L'art grec

domingo, febrero 23, 2014


"On voit désormais pourquoi, dans les manifestations les plus hautes même du génie grec, ne vit aucune illusion supérieure. Il s’agit simplement d’atteindre la forme absolue. C’est de l’intelligence pure et parfaite, mais limitée. L’ivresse mystique est interdite au philosophe trop subtil qui voit nus devant lui les mobiles toujours intéressés et consciemment intéressés de tous les actes, comme au sculpteur trop clairvoyant auquel, par un contraste saisissant avec l’homme qu’elle nourrit, une nature trop harmonieuse et mesurée ne présente aucun abîme à explorer, aucune contradiction d’ordre plastique à résoudre. Leur énergie bandée commande des solutions simples, parce que les gestes de l’homme et les aspects du monde le sont. L’universel mystère échappe à l’âme grecque, parce qu’elle le fait tenir dans les bornes de la raison."
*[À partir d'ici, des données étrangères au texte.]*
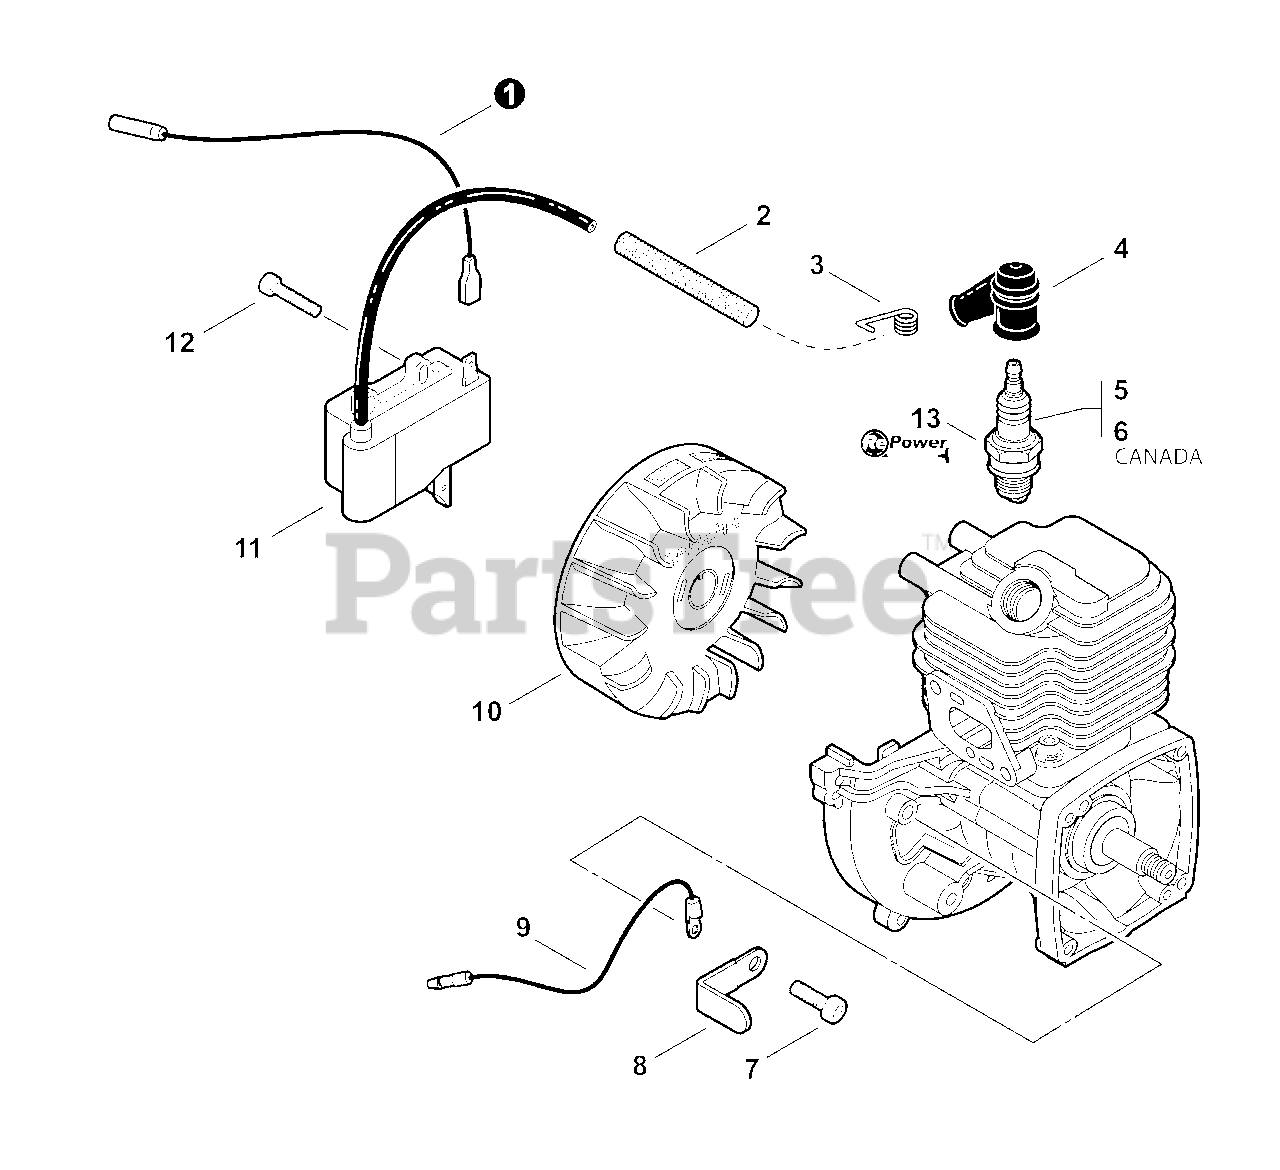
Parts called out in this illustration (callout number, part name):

"Mais par là précisément l’art grec, étant le moins mystérieux qu’on sache, est !e mystère de l’art. Il est en contradiction radicale avec le principe profond de l’art même, qui est d’imaginer pour nous un monde intérieur vivant et s’enivrant d’une illusion toute-puissante, et d’en donner une image qui ne soit pas la représentation exacte de notre monde extérieur. Tout symbolisme lui est étranger. Il est naturaliste. Et si dans son désir d’absolu réalisable, il fait la nature plus belle, c’est dans le sens étroit qu’elle lui a enseigné. Il ne transpose pas, il ne stylise pas, il ne schématise pas, il ne résume même pas. Il exprime avec perfection. Il pousse la splendeur physique de la vie, et rien que physique, jusqu’à l’extrémité des indications formelles que la vie lui a révélées. Il dit tout, comme on ne saura jamais mieux, ni sans doute aussi bien le dire, mais ne suggère à peu près rien. C’est ce qui le fait incomparable, et arrêté. Il est anthropomorphiste, à coup sûr, puisqu’il ne voit rien au-delà de la forme humaine conduite au point le plus rigoureux d’adaptation à sa fonction et d’harmonie. Il n’est pas anthropocentriste. En limitant à la représentation de l’objet, perfectionné par une étude attentive, l’expression qu’il donne du monde, il s’interdit de rechercher en l’homme même les moyens d’élargir le monde et d’en spiritualiser infiniment et inépuisablement les aspects."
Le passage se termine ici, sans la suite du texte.